Questo libro è un viaggio lungo
una serie di confini pericolosi: quello tra letteratura persiana classica e
moderna (possiamo parlare di un modernismo di sostanza più che di forma),
quello tra Oriente ed Occidente (diversi sono i riferimenti a simbolismo, Kafka
e per certi versi anche al Rilke dei Diari
di Malte Laurids Brigge), ma soprattutto i confini che separano cosciente e
subconscio, sonno e veglia, vita e morte.
Hedayat si avventura in territori
nei quali le certezze vengono meno, verità e realtà si trasformano in
contenitori che il viandante riempie con
quello che trova lungo il percorso. Siamo nel regno del sogno e del mistero,
dove tutto è possibile e provvisorio.

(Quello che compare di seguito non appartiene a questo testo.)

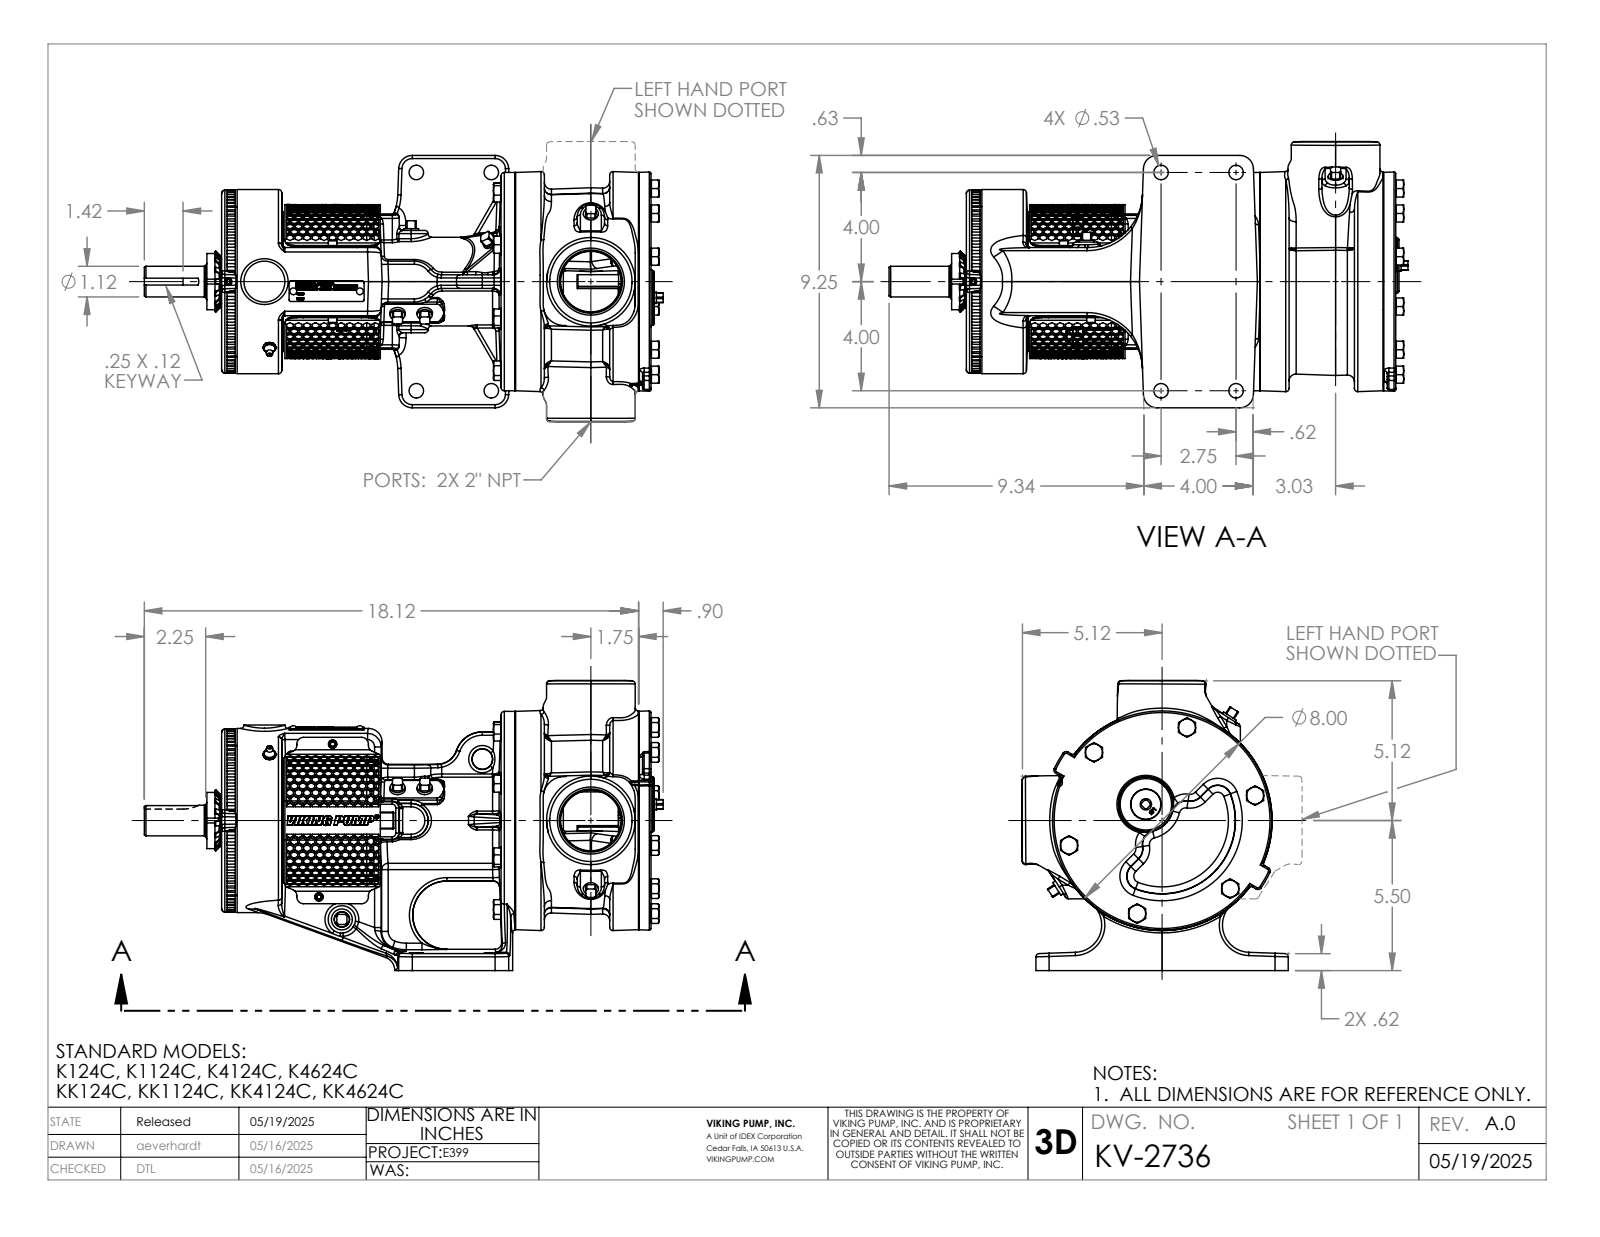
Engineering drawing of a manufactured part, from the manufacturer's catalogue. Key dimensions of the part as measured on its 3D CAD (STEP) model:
Part name (STEP PRODUCT): KV-2736
STEP written by: SolidWorks 2024 (AUTOMOTIVE_DESIGN)
Units: inches
Bodies: 1 solid, 3833 faces (1292 planar, 460 cylindrical, 2081 other)
Overall size (bounding box): 19.024 × 10.634 × 9.759
Volume: 456.5 in³ · Surface area: 885.2 in²
Round holes (diameter × count): ⌀0.78 ×8, ⌀0.197 ×6, ⌀0.25 ×6, ⌀0.531 ×4, ⌀0.159 ×2, ⌀0.313 ×2, ⌀0.257 ×1, ⌀0.453 ×1, ⌀1.122 ×1, ⌀1.38 ×1, ⌀1.387 ×1, ⌀1.695 ×1
Round bosses / shafts (diameter × count): ⌀0.625 ×9, ⌀0.625 ×5, ⌀0.437 ×3, ⌀0.312 ×3, ⌀8 ×1, ⌀6.75 ×1, ⌀5.497 ×1, ⌀3.25 ×1
Partial cylindrical surfaces — rounded edges, fillets, slot ends (radius × count): R0.12 ×77, R0.03 ×18, R0.24 ×18, R0.12 ×16, R0.25 ×13, R0.5 ×12, R0.06 ×10, R0.237 ×7
Main face-to-face distances: 10.425, 0.5, 5.319, 15.744, 0.569, 4.75, 15.175, 1, 1.5, 0.069
Hole centre spacings: 1.03, 3, 1.376, 2.385, 2.909, 3.531, 3.655, 3.799

I sensi hanno esaurito la loro funzione
di guida, qui ci si affida all'istinto, a pensieri non più governati dalla
logica ma dall'immaginazione.
La
civetta cieca è un monologo con una
trama non lineare ma costituito da eventi e immagini che si succedono in un
eterno presente che ricorda la concezione bergsoniana del tempo. Una narrazione
allucinata ricca di elementi ricorsivi e di simboli, una camminata sull'orlo dell'abisso che
attrae e spaventa al tempo stesso, la ricerca disperata di qualcosa che possa
sostituire questa vita che provoca solo dolore, quel dolore che il protagonista riesce ad alleviare
grazie all'oppio e all'alcol. La ricerca di un mondo interiore da opporre a
quello degli altri.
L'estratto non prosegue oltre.